Art Original
Identifikasi Tingkat Kepatuhan Penggunaan Safety Belt Di Kota Bangkinang Kabupaten Kampar
Teknologi berperan sangat penting dalam perkembangannya dalam menghasilkan mobil yang bagus. Mobil yang bagus membantu pengemudi menghindari kecelakaan dan juga melindungi pengemudi dan penumpang jika terjadi kecelakaan. Agar pengemudi terhindar dari kecelakaan, mobil dilengkapi dengan perangkat keselamatan yaitu sabuk pengaman. Sabuk pengaman menopang penumpang kendaraan, menjaga mereka tetap berada di dalam mobil jika terjadi tabrakan dan mengurangi dampak tabrakan. Berdasarkan keterangan dari AKBP Rido Purba mengatakan bahwa rendahnya kepatuhan hukum dapat dilihat dari tingginya pelanggaran lalu lintas yang terjadi di Kabupaten Kampar yaitu 669 pelanggaran pada Operasi Keselamatan Lancang Kuning 2022 Satuan Lalu Lintas (Satlantas) Polres Kampar. Jenis pelanggaran tertinggi karena pengendara tidak menggunakan helm sebanyak 111 pelanggar, kemudian disusul pelanggaran tidak menggunakan sabuk keselamatan sebanyak 81 pelanggar, tidak memiliki Surat Izin Mengemudi (SIM) dengan jumlah 61 pelanggar, pelangaran marka dan rambu lalu lintas dengan jumlah 23 pelanggar.
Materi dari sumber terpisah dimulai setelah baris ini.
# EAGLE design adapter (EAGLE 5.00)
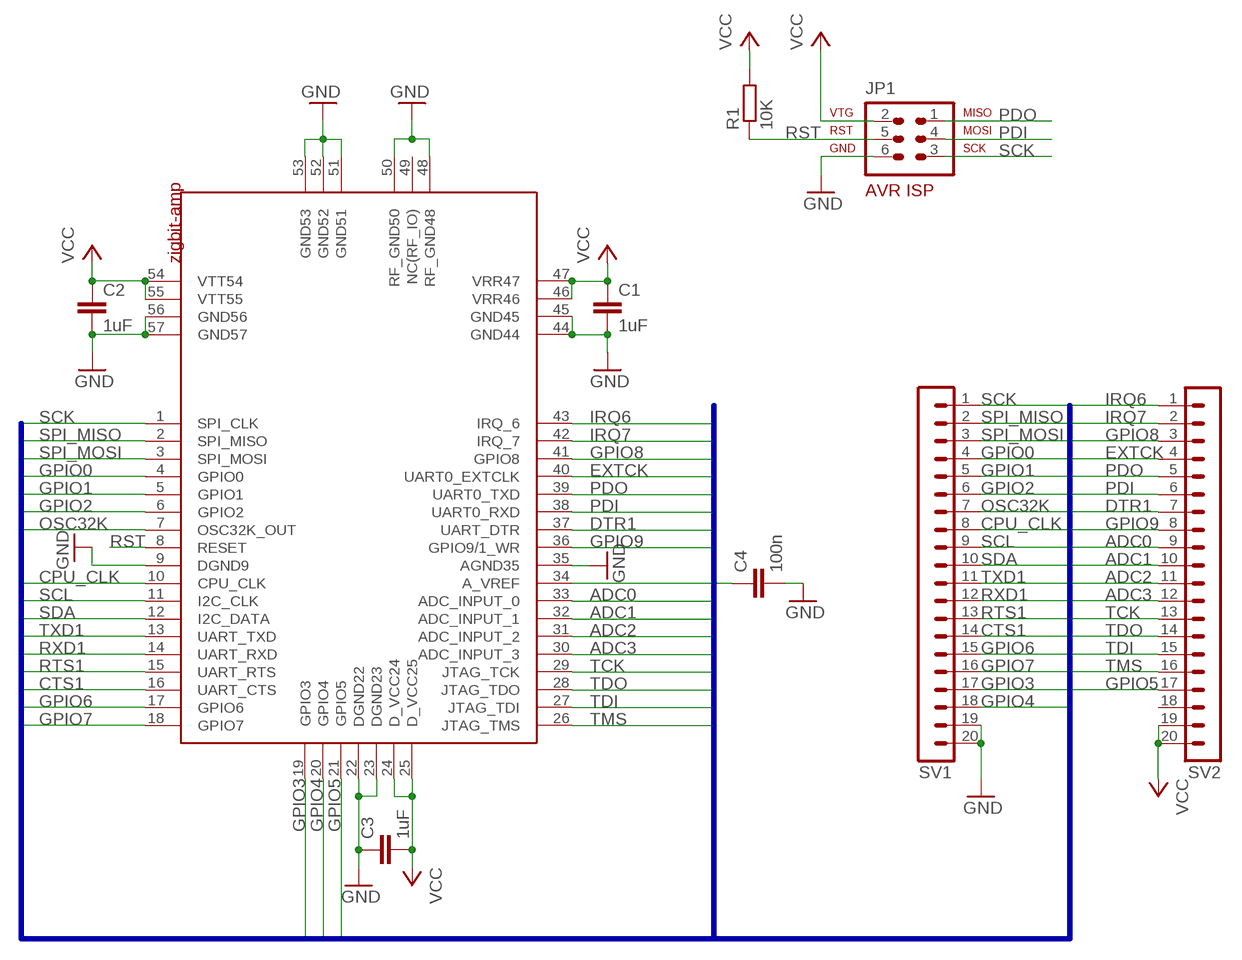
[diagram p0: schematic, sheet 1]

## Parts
C1  1uF  C-EUC1206  [C1206]
C2  1uF  C-EUC1206  [C1206]
C3  1uF  C-EUC1206  [C1206]
C4  100n  C-EUC0603  [C0603]
JP1  AVR-ISP-6  [AVR-ISP-6]
R1  10K  R-EU_R0603  [R0603]
SV1  MA20-1L  [MA20-1L]
SV2  MA20-1L  [MA20-1L]
U$1  ZIGBIT-AMP  [BOARD]

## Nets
ADC0: SV2.9 U$1.33(ADC_INPUT_0)
ADC1: SV2.10 U$1.32(ADC_INPUT_1)
ADC2: SV2.11 U$1.31(ADC_INPUT_2)
ADC3: SV2.12 U$1.30(ADC_INPUT_3)
CPU_CLK: SV1.8 U$1.10(CPU_CLK)
CTS1: SV1.14 U$1.16(UART_CTS)
DTR1: SV2.7 U$1.37(UART_DTR)
EXTCK: SV2.4 U$1.40(UART0_EXTCLK)
GND: C1.2 C2.2 C3.1 C4.2 JP1.6 SV1.19 SV1.20 U$1.9(DGND9) U$1.22(DGND22) U$1.23(DGND23) U$1.35(AGND35) U$1.44(GND44) U$1.45(GND45) U$1.48(RF_GND48) U$1.50(RF_GND50) U$1.51(GND51) U$1.52(GND52) U$1.53(GND53) U$1.56(GND56) U$1.57(GND57)
GPIO0: SV1.4 U$1.4(GPIO0)
GPIO1: SV1.5 U$1.5(GPIO1)
GPIO2: SV1.6 U$1.6(GPIO2)
GPIO3: SV1.17 U$1.19(GPIO3)
GPIO4: SV1.18 U$1.20(GPIO4)
GPIO5: SV2.17 U$1.21(GPIO5)
GPIO6: SV1.15 U$1.17(GPIO6)
GPIO7: SV1.16 U$1.18(GPIO7)
GPIO8: SV2.3 U$1.41(GPIO8)
GPIO9: SV2.8 U$1.36(GPIO9/1_WR)
IRQ6: SV2.1 U$1.43(IRQ_6)
IRQ7: SV2.2 U$1.42(IRQ_7)
N$7: C4.1 U$1.34(A_VREF)
OSC32K: SV1.7 U$1.7(OSC32K_OUT)
PDI: JP1.4 SV2.6 U$1.38(UART0_RXD)
PDO: JP1.1 SV2.5 U$1.39(UART0_TXD)
RST: JP1.5 R1.1 U$1.8(RESET)
RTS1: SV1.13 U$1.15(UART_RTS)
RXD1: SV1.12 U$1.14(UART_RXD)
SCK: JP1.3 SV1.1 U$1.1(SPI_CLK)
SCL: SV1.9 U$1.11(I2C_CLK)
SDA: SV1.10 U$1.12(I2C_DATA)
SPI_MISO: SV1.2 U$1.2(SPI_MISO)
SPI_MOSI: SV1.3 U$1.3(SPI_MOSI)
TCK: SV2.13 U$1.29(JTAG_TCK)
TDI: SV2.15 U$1.27(JTAG_TDI)
TDO: SV2.14 U$1.28(JTAG_TDO)
TMS: SV2.16 U$1.26(JTAG_TMS)
TXD1: SV1.11 U$1.13(UART_TXD)
VCC: C1.1 C2.1 C3.2 JP1.2 R1.2 SV2.19 SV2.20 U$1.24(D_VCC24) U$1.25(D_VCC25) U$1.46(VRR46) U$1.47(VRR47) U$1.54(VTT54) U$1.55(VTT55)
Unconnected: SV2.18 U$1.49(NC(RF_IO))

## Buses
SCK,SPI_MISO,SPI_MOSI,GPIO0,GPIO1,GPIO2,GPIO3,GPIO4,GPIO5,GPIO6,GPIO7,GPIO8,OSC32K,CPU_CLK,SCL,SDA,TXD1,RXD1,RTS1,CTS1,TMS,TDO,TDI,TCK,ADC3,ADC2,ADC1,ADC0,GPIO9,DTR1,MISO,MOSI,EXTCK,IRQ6,IRQ7

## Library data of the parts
C1-C4 = rcl:C-EU: CAPACITOR, European symbol
JP1 = dan:AVR-ISP-6: AVR ISP-6 Serial Programming Header
R1 = rcl:R-EU_: RESISTOR, European symbol
SV1 SV2 = con-lstb:MA20-1L: PIN HEADER
U$1 = zigbit:ZIGBIT-AMP: ZigBitTM Amp OEM Modules - ZDM-A1281-PN/PN0 (MNZB-A24-UFL/U0)

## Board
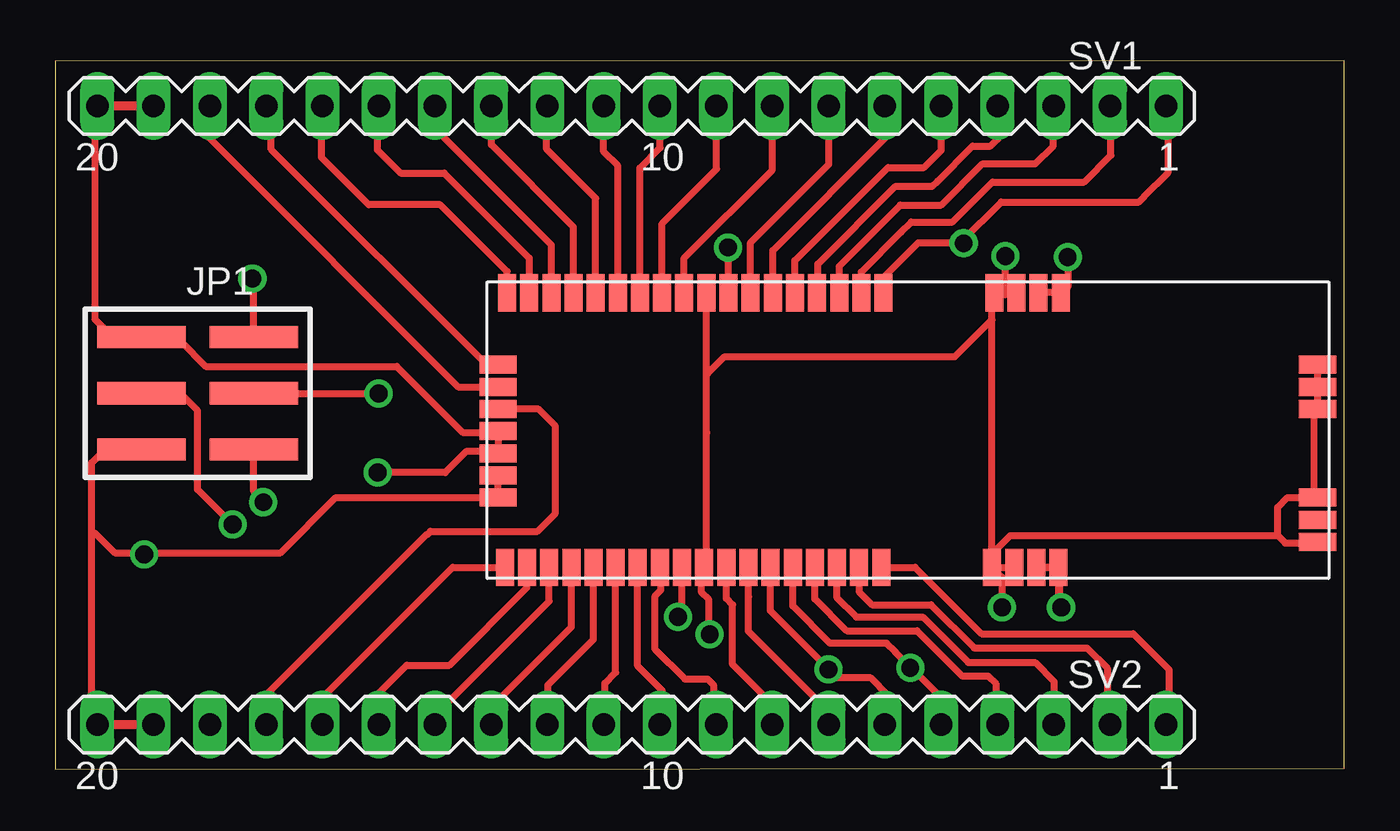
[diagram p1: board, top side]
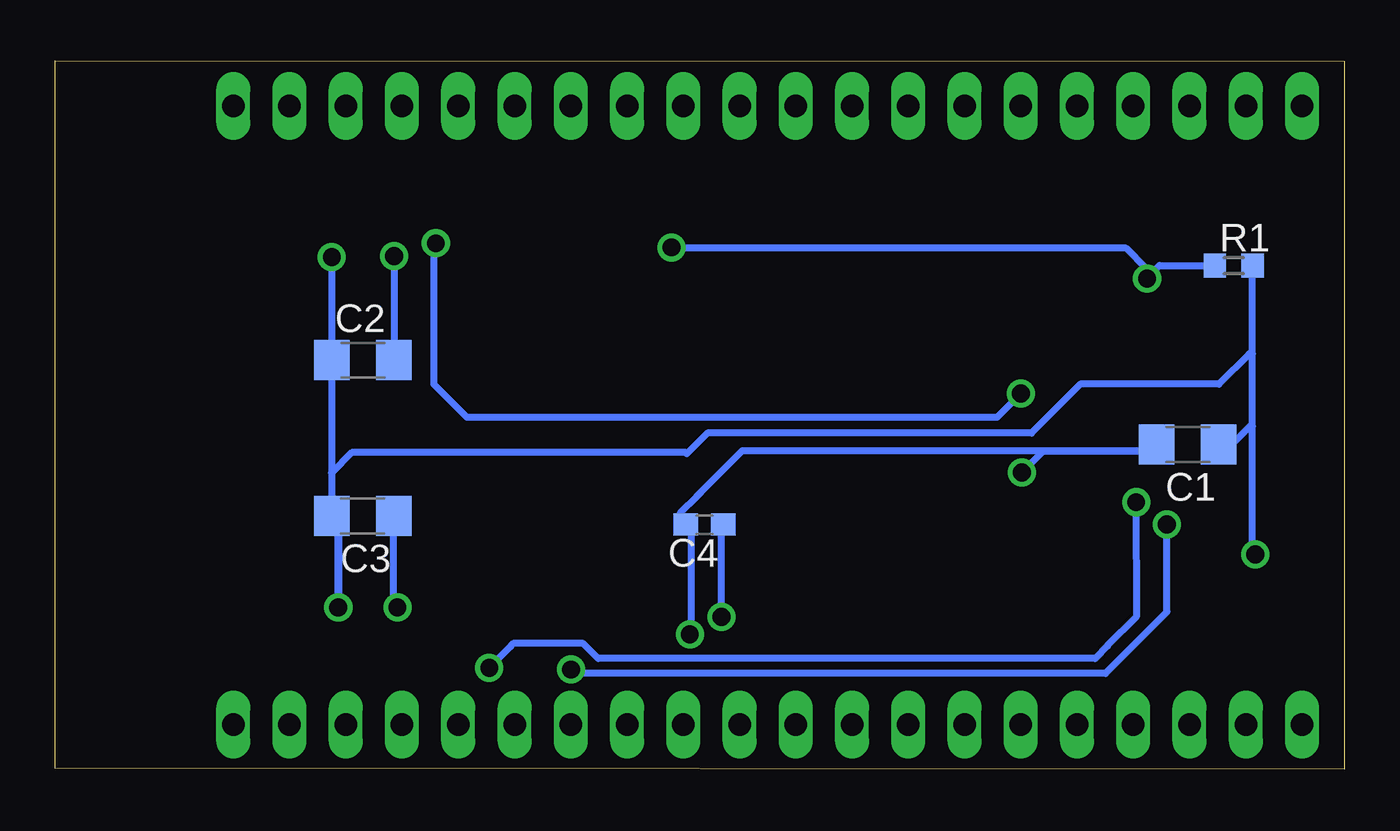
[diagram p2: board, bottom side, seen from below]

Size 58.2 x 32 mm. Coordinates in mm from the lower left corner, seen from the top.
Outline: 0,0 58.2,0.04 58.2,32 0,31.96 0,0
Copper layers (1*16): Top 0.035mm / dielectric 1.5mm / Bottom 0.035mm
Design rules "default": minimum track width 10mil, minimum drill 24mil, track to track 8mil, track to pad 8mil, pad to pad 8mil, via to via 8mil, smd to smd 8mil, copper to edge 40mil, drill to drill 8mil, minimum pad ring 10mil, minimum via ring 8mil, stop-mask expansion 4mil, vias tented up to drill 0mil, thermal gap 10mil

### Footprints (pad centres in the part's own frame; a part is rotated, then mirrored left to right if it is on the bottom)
C1206 = smd 1.6 x 1.8: 1 -1.4,0; 2 1.4,0
C0603 = smd 1.1 x 1: 1 -0.85,0; 2 0.85,0
AVR-ISP-6 = smd 1 x 4: 1 -2.54,-2.54; 2 -2.54,2.54; 3 0,-2.54; 4 0,2.54; 5 2.54,-2.54; 6 2.54,2.54
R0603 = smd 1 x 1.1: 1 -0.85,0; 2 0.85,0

Tujuan dari penelitian ini adalah untuk mengetahui tingkat kepatuhan penggunaan safety belt di Kota Bangkinang serta untuk mengetahui faktor apa saja yang mempengaruhi kepatuhan penggunaan safety belt di kota Bangkinang. Unit analisisnya adalah Bangkinang Kota, Kabupaten Kampar. Responden yang dijadikan sampel sebanyak 100 masyarakat. Sampel diambil dengan teknik accidental sampling. Pengumpulan data dilakukan dengan kuesioner. Metode analisis yang digunakan adalah uji chi square. Hasil penelitian ini menunjukkan bahwa Tingkat kepatuhan terhadap penggunaan safety belt terdapat bahwa nilai rata-rata 3,45 menunjukkan tingkat kepatuhan Sangat baik serta faktor penggunaan safety belt dipengaruhi oleh variabel internal dan eksternal yaitu pengetahuan, kemampuan, pengalaman, pengaruh sosial dan kondisi lingkungan.